The Fairer Sex

Photo Courtesy Guillaume HERBAUT

A gang of six young females attacked two men and two women after the four refused their demands for money and cigarettes in Ipswich, QLD the other day. As the assault began a van with another two females arrived with the two women joining in before they all drove away leaving the victims injured and missing at least one wallet. It does not pay to underestimate the female of the species, especially when she is ‘mob handed’, ie: in a gang or group.

I guessed upon reading the first few lines that the women would be indigenous, we have a similar problem where I live with gangs of female Koori’s begging for cigarettes and money down at the local shops. If you refuse they have been known to turn on you. They can inflict very serious injury yet it is difficult for many of us to react with sufficient force in the first instance to dissuade them from escalating from verbal taunts to actual violence. Yet by the time you realise it is really happening it is often too late.

Of course it is not all one sided.  In Albury-Wodonga in 2008 there were a series of attacks on Koori teens by white teen gangs, purely based on ethnicity or race. Aboriginal community elders called for calm and restraint from their young people and the point was well made that we all bleed red blood. So, was the Ipswich attack racially motivated or simply a criminal act? It is all too easy to play the race card when there is a visual identifier in place, such as physical appearance that clearly identifies those involved as being of one ethnic group or another.
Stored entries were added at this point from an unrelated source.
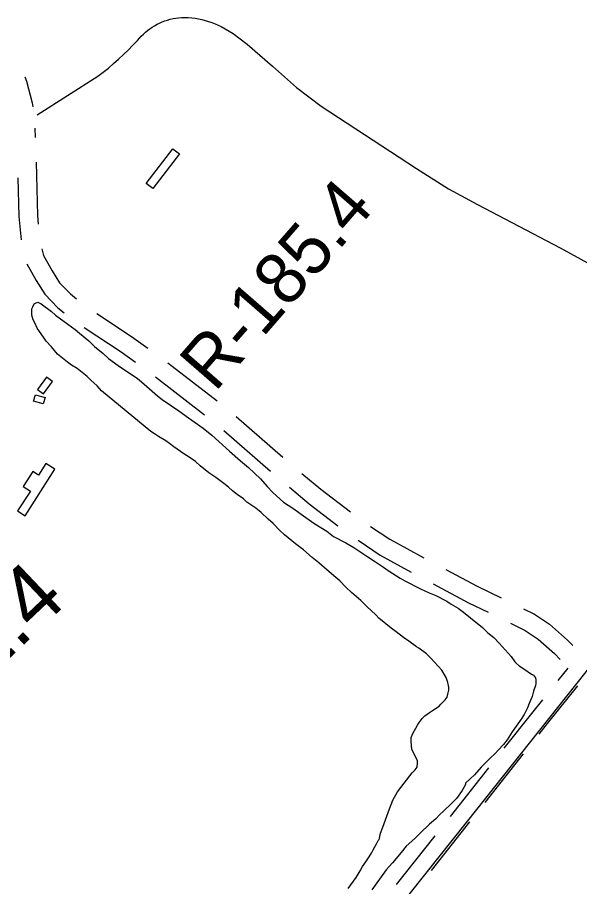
# Model space of a CAD drawing. Extents: x 3355677 to 3393573, y 612928 to 638357.
# Drawn here: x 3377611 to 3378517, y 621106 to 622507 of the extents above; entities that cross this region are included whole.
import ezdxf

# ---------------------------------------------------------------- set-up
doc = ezdxf.new("R2010")
doc.units = 0
for name, color, linetype in [('V-BLDG-OTLN', 7, 'Continuous'), ('V-RIVR-EDGE', 7, 'Continuous'), ('V-RIVR-RANG-IDEN', 7, 'Continuous'), ('V-ROAD-CNTR', 7, 'Continuous'), ('V-SITE-VEGE', 7, 'Continuous'), ('V-SURV-IDEN', 7, 'Continuous')]:
    doc.layers.add(name, color=color, linetype=linetype)

msp = doc.modelspace()

# ---------------------------------------------------------------- linework, layer by layer
at = {"layer": 'V-BLDG-OTLN'}
for points in [[(3377818.8, 622239.4), (3377861.5, 622295.3), (3377872.1, 622287.1), (3377829.4, 622231.3)], [(3377658.1, 621927.1), (3377643.5, 621907.3), (3377652.8, 621900.4), (3377667.4, 621920.2)], [(3377640, 621898.7), (3377655.5, 621894.3), (3377652.7, 621884.3), (3377637.2, 621888.6)], [(3377635.7, 621775.3), (3377620.2, 621751.1), (3377631.9, 621743.6), (3377611.3, 621711.6), (3377623.3, 621703.9), (3377671.4, 621778.8), (3377656.8, 621788.1), (3377644.8, 621769.4)]]:
    msp.add_lwpolyline(points, close=True, dxfattribs=at)
at = {"layer": 'V-RIVR-EDGE'}
msp.add_spline([(3378516.5, 618361), (3378507.6, 618370.7), (3378490.7, 618386.2), (3378471.7, 618402.1), (3378446.1, 618427.9), (3378423.6, 618453.7), (3378402.2, 618477.7), (3378364.9, 618515.5), (3378349.4, 618530.4), (3378342, 618535.3), (3378334.6, 618539.2), (3378327.6, 618547), (3378322.7, 618554.4), (3378318.8, 618559.7), (3378306.5, 618572.4), (3378289, 618586.5), (3378281.2, 618596.4), (3378276, 618603.8), (3378258, 618621.8), (3378254.2, 618630), (3378247.9, 618638.8), (3378237, 618650.8), (3378233.8, 618657.1), (3378231.4, 618661.4), (3378222.6, 618670.6), (3378198, 618699.9), (3378183.2, 618714), (3378173.7, 618726.7), (3378162.5, 618734.5), (3378159, 618737.7), (3378158.6, 618741.5), (3378158.3, 618744.7), (3378155.8, 618749.7), (3378152.3, 618753.2), (3378146.3, 618755.7), (3378143.5, 618758.8), (3378140, 618769.4), (3378130.5, 618786.7), (3378121, 618799.4), (3378116.5, 618803), (3378111.5, 618803.3), (3378107, 618803.7), (3378107.7, 618808.3), (3378105.2, 618811.8), (3378096.1, 618818.9), (3378090.1, 618823.8), (3378078.8, 618830.5), (3378077.1, 618832.7), (3378071.8, 618844.3), (3378068, 618853.1), (3378068, 618856.3), (3378066.6, 618858.8), (3378058.1, 618863), (3378052.2, 618871.8), (3378044.1, 618888.8), (3378037.4, 618898.7), (3378027.6, 618911), (3378012.8, 618918.4), (3378000.8, 618924.1), (3377993.1, 618932.6), (3377988.6, 618941.1), (3377985.4, 618949.5), (3377982.2, 618954.5), (3377974.5, 618963.3), (3377969.2, 618967.9), (3377966.8, 618973.9), (3377960.8, 618977.8), (3377955.5, 618978.8), (3377954.8, 618983.1), (3377951.3, 618985.9), (3377937.6, 618991.2), (3377933.7, 618995.5), (3377918.3, 619012.8), (3377900.3, 619032.2), (3377900, 619037.5), (3377897.5, 619041.7), (3377893.7, 619045.6), (3377886.3, 619044.9), (3377882.4, 619044.9), (3377878.9, 619047.4), (3377875.7, 619053.7), (3377866.9, 619063.3), (3377843, 619083.8), (3377840.2, 619089.4), (3377839.2, 619096.1), (3377836.7, 619097.9), (3377833.2, 619098.2), (3377832.5, 619100), (3377831.4, 619103.9), (3377829, 619106), (3377820.2, 619111), (3377809.6, 619121.2), (3377795.6, 619135.7), (3377778.7, 619154.8), (3377773.8, 619160.4), (3377758.7, 619171.4), (3377751.6, 619178.8), (3377734.4, 619195), (3377715.1, 619215.5), (3377698.9, 619236.4), (3377689.4, 619246.6), (3377686.3, 619253.7), (3377675.7, 619259.7), (3377669, 619265.3), (3377666.2, 619269.9), (3377662, 619272.4), (3377656.4, 619274.2), (3377649.7, 619279.5), (3377628.6, 619296.1), (3377619.5, 619304.6), (3377610.3, 619314.5), (3377594.8, 619326.5), (3377585.7, 619336), (3377577.6, 619344.5), (3377561.4, 619355.4), (3377551.9, 619364.6), (3377544.2, 619374.2), (3377540.7, 619384), (3377539.3, 619385.8), (3377536.1, 619386.9), (3377528.8, 619389), (3377525.6, 619391.8), (3377523.5, 619398.5), (3377520, 619409.1), (3377509.1, 619421.1), (3377504.2, 619425.7), (3377489.7, 619431), (3377482.4, 619435.3), (3377478.5, 619440.9), (3377476.4, 619443), (3377471.5, 619446.9), (3377465.1, 619455.4), (3377463.4, 619460), (3377454.3, 619470.6), (3377432.5, 619495.7), (3377419.1, 619513.3), (3377396.3, 619540.2), (3377377, 619562.4), (3377360.1, 619581.1), (3377353.4, 619589.9), (3377348.5, 619598.8), (3377341.8, 619607.6), (3377323.5, 619623.5), (3377313.4, 619633.4), (3377305.6, 619638.3), (3377297.5, 619644.7), (3377297.5, 619647.9), (3377297.5, 619650.7), (3377294, 619656.7), (3377285.2, 619666.6), (3377279.3, 619677.2), (3377274, 619683.5), (3377265.6, 619688.5), (3377258.9, 619694.8), (3377253.6, 619705.1), (3377251.9, 619714.9), (3377248, 619720.9), (3377245.6, 619724.5), (3377241.7, 619727.6), (3377232.9, 619728.4), (3377223.4, 619730.9), (3377212.5, 619733.4), (3377204.4, 619737.6), (3377200.9, 619740.1), (3377195.2, 619741.1), (3377185.7, 619741.2), (3377172.3, 619748.6), (3377155.8, 619761.3), (3377143.2, 619778.3), (3377132.6, 619792.4), (3377131.9, 619797.3), (3377130.2, 619802.3), (3377123.5, 619811.1), (3377116.5, 619822), (3377110.2, 619833), (3377098.6, 619854.9), (3377095.1, 619863), (3377087.7, 619876.7), (3377081.4, 619884.8), (3377075.8, 619891.2), (3377063.5, 619909.9), (3377063.2, 619913.1), (3377058.6, 619921.6), (3377041.7, 619947.7), (3377035.8, 619957.9), (3377024.9, 619970.3), (3377017.5, 619982.3), (3377008.7, 619991.1), (3377001, 619999.2), (3376998.9, 620003.1), (3376997.8, 620008.4), (3376993.3, 620014.4), (3376981.7, 620029.6), (3376966.6, 620041.6), (3376947.9, 620056.1), (3376931, 620066.7), (3376914.5, 620075.5), (3376905.7, 620081.9), (3376896.2, 620095.7), (3376889.6, 620109.1), (3376877.6, 620128.1), (3376863.2, 620153.2), (3376850.6, 620175.8), (3376840.4, 620195.2), (3376834.1, 620206.1), (3376830.6, 620213.9), (3376827.1, 620219.9), (3376766.3, 620280.6), (3376734, 620311.7), (3376710.8, 620332.2), (3376680.5, 620356.6), (3376664.7, 620369), (3376652.4, 620376.1), (3376623.5, 620393.4), (3376605.6, 620405.8), (3376585.5, 620418.9), (3376578.1, 620424.2), (3376571.8, 620428.1), (3376565.5, 620427), (3376541.2, 620440.1), (3376537, 620446.5), (3376535.2, 620453.2), (3376537.7, 620462), (3376537.7, 620466.2), (3376535.6, 620469), (3376530, 620470.8), (3376523.6, 620470.1), (3376520.1, 620471.5), (3376509.2, 620481.1), (3376501.1, 620489.5), (3376495.5, 620499.8), (3376489.6, 620510.7), (3376487.1, 620515), (3376486, 620518.1), (3376484.3, 620520.6), (3376465, 620537.9), (3376449.8, 620547.5), (3376433.6, 620556.3), (3376408.3, 620577.2), (3376393.5, 620585.7), (3376376.3, 620593.8), (3376351.7, 620606.2), (3376335.1, 620613.3), (3376324.6, 620620), (3376307.3, 620625.3), (3376296, 620630.7), (3376270.4, 620648.3), (3376252.8, 620662.1), (3376242.9, 620672.7), (3376238, 620675.9), (3376233.4, 620676.6), (3376229.6, 620679.1), (3376210.9, 620695.3), (3376192.6, 620709.8), (3376157.5, 620736.7), (3376139.9, 620750.1), (3376127.9, 620761.8), (3376118.4, 620769.6), (3376106.1, 620776.3), (3376072, 620806.3), (3376048.5, 620834.2), (3376004.9, 620878), (3375983.1, 620902.8), (3375961, 620929.6), (3375953.9, 620939.8), (3375949, 620948.3), (3375944.8, 620957.8), (3375936.1, 620971.6), (3375912.9, 621001.6), (3375906.9, 621006.9), (3375899.5, 621016.4), (3375896, 621023.5), (3375881.3, 621042.5), (3375856.3, 621075.4), (3375835.6, 621097.3), (3375809.6, 621122.7), (3375786, 621142.2), (3375742.7, 621169.7), (3375706.5, 621193.1), (3375654.8, 621233.7), (3375605.6, 621273.7), (3375571.8, 621307.2), (3375559.9, 621321.4), (3375554.6, 621330.9), (3375550.8, 621336.9), (3375547.9, 621339.7), (3375541.3, 621342.6), (3375536.3, 621345.7), (3375533.5, 621347.9), (3375528.2, 621352.8), (3375524, 621359.2), (3375521.2, 621362), (3375518.8, 621365.2), (3375514.5, 621369.8), (3375499, 621375.4), (3375478.6, 621382.5), (3375451.5, 621393.2), (3375434.6, 621398.5), (3375424.8, 621404.5), (3375412.4, 621407.4), (3375405.8, 621410.5), (3375395.2, 621414.4), (3375385.7, 621417.3), (3375374.1, 621420.5), (3375363.5, 621420.9), (3375351.5, 621419.1), (3375336.7, 621411.1), (3375326.1, 621405.8), (3375315.5, 621405.5), (3375306.7, 621408.3), (3375297.6, 621412.9), (3375285.6, 621419.3), (3375281.4, 621425.7), (3375276.1, 621431.7), (3375271.9, 621433.8), (3375264.2, 621435.2), (3375259.9, 621435.2), (3375254.6, 621435.2), (3375251.5, 621435.2), (3375245.5, 621436.3), (3375239.9, 621437.7), (3375215.2, 621444.5), (3375187.4, 621452.7), (3375156.8, 621461.2), (3375150.8, 621464.7), (3375147.3, 621465.8), (3375142.7, 621466.9), (3375137.4, 621467.9), (3375132.1, 621468.3), (3375129.6, 621468.3), (3375105.3, 621477.2), (3375084.9, 621485.7), (3375080.4, 621489.2), (3375075.1, 621491.4), (3375067.3, 621492.4), (3375058.9, 621497), (3375037.1, 621507), (3374951.9, 621556.5), (3374890.7, 621595.8), (3374839, 621635), (3374815.4, 621649.5), (3374801.3, 621657.6)], degree=3, dxfattribs=at)
at = {"layer": 'V-ROAD-CNTR'}
for p, q in [((3377853.5, 621950.2), (3377932.8, 621889.2)), ((3377833.4, 621927.8), (3377912.7, 621866.8)), ((3377963.6, 621863.8), (3378039.1, 621798.1)), ((3377943.6, 621841.5), (3378019, 621775.8)), ((3378426.5, 621320.2), (3378364.5, 621241.7)), ((3378370.5, 621297.6), (3378308.5, 621219.1)), ((3378339.7, 621210.3), (3378277.8, 621131.8)), ((3378283.7, 621187.8), (3378221.7, 621109.3))]:
    msp.add_line(p, q, dxfattribs=at)
for points in [[(3377642.8, 622350.2), (3377740.6, 622412.4), (3377749.2, 622419), (3377757.6, 622425.7), (3377765.9, 622432.7), (3377774, 622439.8), (3377781.9, 622447.2), (3377789.7, 622454.7), (3377797.2, 622462.4), (3377804.6, 622470.2), (3377807.6, 622473.7), (3377810.7, 622477.1), (3377814, 622480.2), (3377817.4, 622483.3), (3377820.9, 622486.2), (3377824.5, 622488.9), (3377828.3, 622491.5), (3377832.2, 622493.9), (3377836.2, 622496.1), (3377840.3, 622498.1), (3377844.5, 622499.9), (3377848.7, 622501.6), (3377853, 622503), (3377857.4, 622504.3), (3377861.9, 622505.3), (3377866.3, 622506.2), (3377870.9, 622506.8), (3377875.4, 622507.3), (3377881, 622507.3), (3377886.5, 622507), (3377892, 622506.6), (3377897.5, 622505.9), (3377903, 622504.9), (3377908.5, 622503.8), (3377913.8, 622502.4), (3377919.2, 622500.8), (3377924.4, 622499), (3377929.6, 622497), (3377934.7, 622494.8), (3377939.7, 622492.4)], [(3377939.7, 622492.4), (3377958.6, 622481.1), (3377981.3, 622464.2), (3378022.1, 622428.4), (3378060.9, 622394.5), (3378100.7, 622364.4), (3378254.1, 622263.7), (3378306.1, 622230.8), (3378352.5, 622205.5), (3378485.9, 622136), (3378569.2, 622089.9), (3378678.1, 622014.7), (3378747.2, 621962), (3378828.2, 621884.5)], [(3377622.8, 622411.7), (3377625.7, 622404.5), (3377634.8, 622369.7), (3377635.8, 622363.2)], [(3377639.3, 622328.6), (3377639.8, 622313.7)], [(3377641.1, 622273.8), (3377643.2, 622188.2), (3377644.7, 622173.9)], [(3377611.7, 622248.5), (3377613.2, 622186.2), (3377617.3, 622148.8)], [(3377650.4, 622134.3), (3377652.9, 622123.7), (3377666.9, 622098.6), (3377679.1, 622079.5), (3377696.4, 622061.5), (3377706.3, 622053.5)], [(3377626.2, 622110), (3377641.1, 622083.2), (3377655.4, 622060.9), (3377676.1, 622039.3), (3377686.2, 622031.2)], [(3377738.8, 622030.2), (3377795.1, 621993.1), (3377821.5, 621974.1)], [(3377718.5, 622007.6), (3377778.1, 621968.4), (3377801.3, 621951.6)], [(3378069.6, 621772.2), (3378100, 621746.8), (3378147.9, 621710.1)], [(3378049.5, 621749.9), (3378081.2, 621723.4), (3378127.7, 621687.7)], [(3378180.4, 621686.8), (3378211.1, 621666.1), (3378266.4, 621635.9)], [(3378160.2, 621664.3), (3378195.5, 621640.4), (3378245.9, 621613)], [(3378301.7, 621617.1), (3378352.1, 621590.5), (3378390.7, 621571.6)], [(3378281.1, 621594), (3378338.4, 621563.8), (3378370, 621548.3)], [(3378426.6, 621553.9), (3378444.5, 621545.1), (3378468.9, 621529), (3378497.7, 621503.3), (3378506.1, 621494.5)], [(3378405.9, 621530.7), (3378429.5, 621519), (3378450.6, 621505.1), (3378476.8, 621481.8), (3378486, 621472.1)], [(3378498.1, 621458.1), (3378482.4, 621438.6)], [(3378513.7, 621429.7), (3378465.2, 621369.2), (3378451.3, 621351.6)], [(3378457.4, 621407.4), (3378441.7, 621387.9), (3378395.3, 621329)]]:
    msp.add_lwpolyline(points, dxfattribs=at)
at = {"layer": 'V-SITE-VEGE'}
for points in [[(3377951.1, 621749.8), (3377943.8, 621755.7), (3377930.7, 621765.8), (3377919.7, 621773.3), (3377905.6, 621784.5), (3377898.2, 621791.4), (3377887.8, 621798.4), (3377879.4, 621803.7), (3377863.1, 621814.9), (3377856.3, 621820.3), (3377850, 621824.6), (3377838.5, 621831.5), (3377832.2, 621835.8), (3377825.9, 621839.6), (3377746.8, 621905.2), (3377739.5, 621913.1), (3377729.1, 621922.7), (3377723.3, 621928.6), (3377712.8, 621937.1), (3377707.1, 621941.4), (3377698.1, 621946.8), (3377691.9, 621951.6), (3377675.6, 621964.4), (3377666.2, 621976.1), (3377657.3, 621985.1), (3377653.2, 621992), (3377646.4, 622001), (3377642.8, 622006.3), (3377639.2, 622014.8), (3377636.6, 622019.6), (3377634.5, 622027.5), (3377634, 622032.3), (3377634.1, 622037.5), (3377635.7, 622040.7), (3377637.9, 622045.4), (3377640, 622046.5), (3377643.7, 622048), (3377649.5, 622045.8), (3377666.2, 622033), (3377672.5, 622027.2), (3377692.4, 622012.7), (3377703.9, 622004.2), (3377711.3, 621998.3), (3377725.9, 621986.1), (3377735.3, 621977), (3377749, 621965.3), (3377757.8, 621957.3), (3377773.6, 621946.1), (3377804.5, 621925.2), (3377811.3, 621919.9), (3377837, 621897), (3377844.3, 621891.1), (3377871, 621872.9), (3377886.8, 621861.7), (3377910.3, 621845.1), (3377924.5, 621833.9), (3377952.7, 621807.8), (3377970.5, 621792.3)], [(3377970.5, 621792.3), (3377983.6, 621781.7), (3378003, 621763.6), (3378013.4, 621751.3), (3378022.8, 621741.2), (3378040.1, 621725.8), (3378054.8, 621716.1), (3378075.7, 621701.2), (3378090.4, 621691), (3378109.8, 621679.2), (3378120.8, 621670.7), (3378140.2, 621660), (3378153.4, 621652.5), (3378175.9, 621637.5), (3378186.9, 621630.5), (3378201.1, 621620.9), (3378208.4, 621615.6), (3378216.3, 621610.7), (3378227.8, 621603.3), (3378235.7, 621599), (3378260.9, 621586.1), (3378274.5, 621579.6), (3378285.6, 621575.3), (3378303.4, 621566.2), (3378310.2, 621561.4), (3378321.3, 621554.9), (3378330.2, 621548.5), (3378341.2, 621539.4), (3378360.6, 621524), (3378369.4, 621515.4), (3378378.9, 621507.4), (3378387.8, 621498.4), (3378407.1, 621477.1), (3378412.8, 621468.6), (3378414.9, 621466.5), (3378419.6, 621462.2), (3378427.5, 621456.9), (3378439.5, 621448.3), (3378442.7, 621446.7), (3378446.3, 621442.5), (3378446.8, 621438.8), (3378446.8, 621433.5), (3378446.2, 621430.3), (3378443, 621420.9), (3378440.8, 621412.5), (3378435.9, 621401.4), (3378433.2, 621394.1), (3378427.9, 621383.6), (3378423, 621376.2), (3378415, 621364.7), (3378408.6, 621355.8), (3378400.6, 621342.7), (3378394.7, 621335.3), (3378386.2, 621325.9), (3378380.9, 621320.7), (3378372.9, 621313.4), (3378366.5, 621306.6), (3378358.5, 621298.7), (3378347.8, 621286.2), (3378340.9, 621279.9), (3378333.5, 621272.6), (3378333.4, 621270.5), (3378328.1, 621261), (3378319, 621247.9), (3378311, 621240.1), (3378298.2, 621228.1), (3378291.3, 621221.8), (3378285.5, 621215.5), (3378275.4, 621206.6), (3378260.5, 621192), (3378251.4, 621183.7), (3378237.6, 621171.1), (3378229.6, 621161.2), (3378215.7, 621144.4), (3378205.6, 621132.9), (3378182.6, 621100.9)], [(3378144.1, 621102.9), (3378156.9, 621120.7), (3378163.4, 621131.7), (3378167.1, 621138.5), (3378172.5, 621145.9), (3378175.7, 621151.1), (3378181.6, 621160), (3378184.3, 621165.3), (3378190.1, 621175.2), (3378192.3, 621180.5), (3378193.9, 621182.1), (3378194.5, 621184.2), (3378196.1, 621192.1), (3378199.9, 621202.1), (3378206.4, 621219.9), (3378210.7, 621231.5), (3378216.1, 621245.2), (3378223.6, 621258.8), (3378234.3, 621273), (3378247.6, 621289.7), (3378252.4, 621294.4), (3378255.6, 621298.6), (3378256.2, 621305.5), (3378255.7, 621309.2), (3378250.5, 621319.8), (3378246.9, 621327.7), (3378246, 621339.8), (3378246, 621346.7), (3378248.2, 621353), (3378256.2, 621366.1), (3378258.9, 621370.9), (3378263.7, 621377.1), (3378268, 621381.3), (3378275.4, 621386.5), (3378281.8, 621391.2), (3378290.8, 621396.9), (3378293.5, 621400.1), (3378298.3, 621404.8), (3378300.4, 621407.4), (3378303.6, 621411.6), (3378304.7, 621416.3), (3378306.3, 621422.6), (3378306.4, 621427.4), (3378304.9, 621435.3), (3378302.3, 621443.3), (3378295, 621454.9), (3378277.3, 621474.6), (3378270.5, 621481.5), (3378257.9, 621490.6), (3378254.2, 621492.8), (3378242.2, 621501.8), (3378233.3, 621507.7), (3378221.7, 621516.8), (3378213.4, 621522.7), (3378193.5, 621538.7), (3378188.8, 621544), (3378174.1, 621557.8), (3378164.7, 621567.4), (3378149.5, 621580.2), (3378140.6, 621588.7), (3378130.7, 621598.9), (3378124.4, 621604.2), (3378113.4, 621613.3), (3378096.7, 621628.2), (3378086.2, 621636.7), (3378072.1, 621649), (3378059.5, 621658.6), (3378041.7, 621673), (3378033.3, 621680.5), (3378023.4, 621691.6), (3378015, 621698.6), (3378004.1, 621709.2), (3377995.1, 621716.2), (3377981, 621725.8), (3377975.2, 621731.1), (3377965.3, 621738.1), (3377957.9, 621743.9), (3377951.1, 621749.8)], [(3378152.2, 620979.8), (3378335.2, 621209.6), (3378571.1, 621507.1), (3378575.5, 621511)]]:
    msp.add_lwpolyline(points, dxfattribs=at)

# ---------------------------------------------------------------- texts
at = {"layer": 'V-RIVR-RANG-IDEN'}
msp.add_text('R-185.4', height=83, rotation=48.9813, dxfattribs=at).set_placement((3377929.3, 621901.7))
at = {"layer": 'V-SURV-IDEN'}
msp.add_text('2231+81.4', height=100, rotation=43.54, dxfattribs=at).set_placement((3377232.8, 621126.6))

doc.saveas('drawing.dxf')

While the Albury attacks most likely were racially motivated, the Ipswich ones I would presume were only partially fuelled by skin colour. It is easier to hate those who are visually different to oneself, the greater the differences the easier it becomes. Being so visually different has been a survival aid since time began. If that other human did not look like you and your clan then there was a good chance they were from somewhere else and quite likely a threat. All very well 40,000 years ago but times have changed.

Times have changed for our indigenous citizens too, albeit not always for the best. However the status quo is what it is and we can’t turn back the clock to 1769 and send Cook off somewhere else. What we can do is listen to the words of Wiradjuri elder Nancy Rooke, “We’ve got to live in this world, we’ve all got to get on.” That goes both ways.

There is NO EXCUSE for assaulting other people. Race is not reason, nor is religion or orientation or any other ‘difference’. However, this is not a fair and just world and I suspect while there are human beings inhabiting it, it never will be fair or just to any great degree. So be aware other people may not like you or who they think you are. In the Cronulla riots of 2005 an Indian man, a Sikh complete with turban, was set upon by the ignorant crowd of thugs because they mistook him for a Muslim. In his mind he is not a Muslim and so was not at risk but he failed to take into account the fact that thugs are pretty thick to begin with, hence they run in packs and are easily riled.

I do quite a lot with the indigenous community in my area but I still give gangs of young ones a wide berth because I know they have the capability if not the intent to harm and they might think I am just another ‘white bum’. Being proactive and aware does not mean you are stereotyping or racially profiling, just prudent. But keep it to yourself or you run the risk of an assault of a different kind.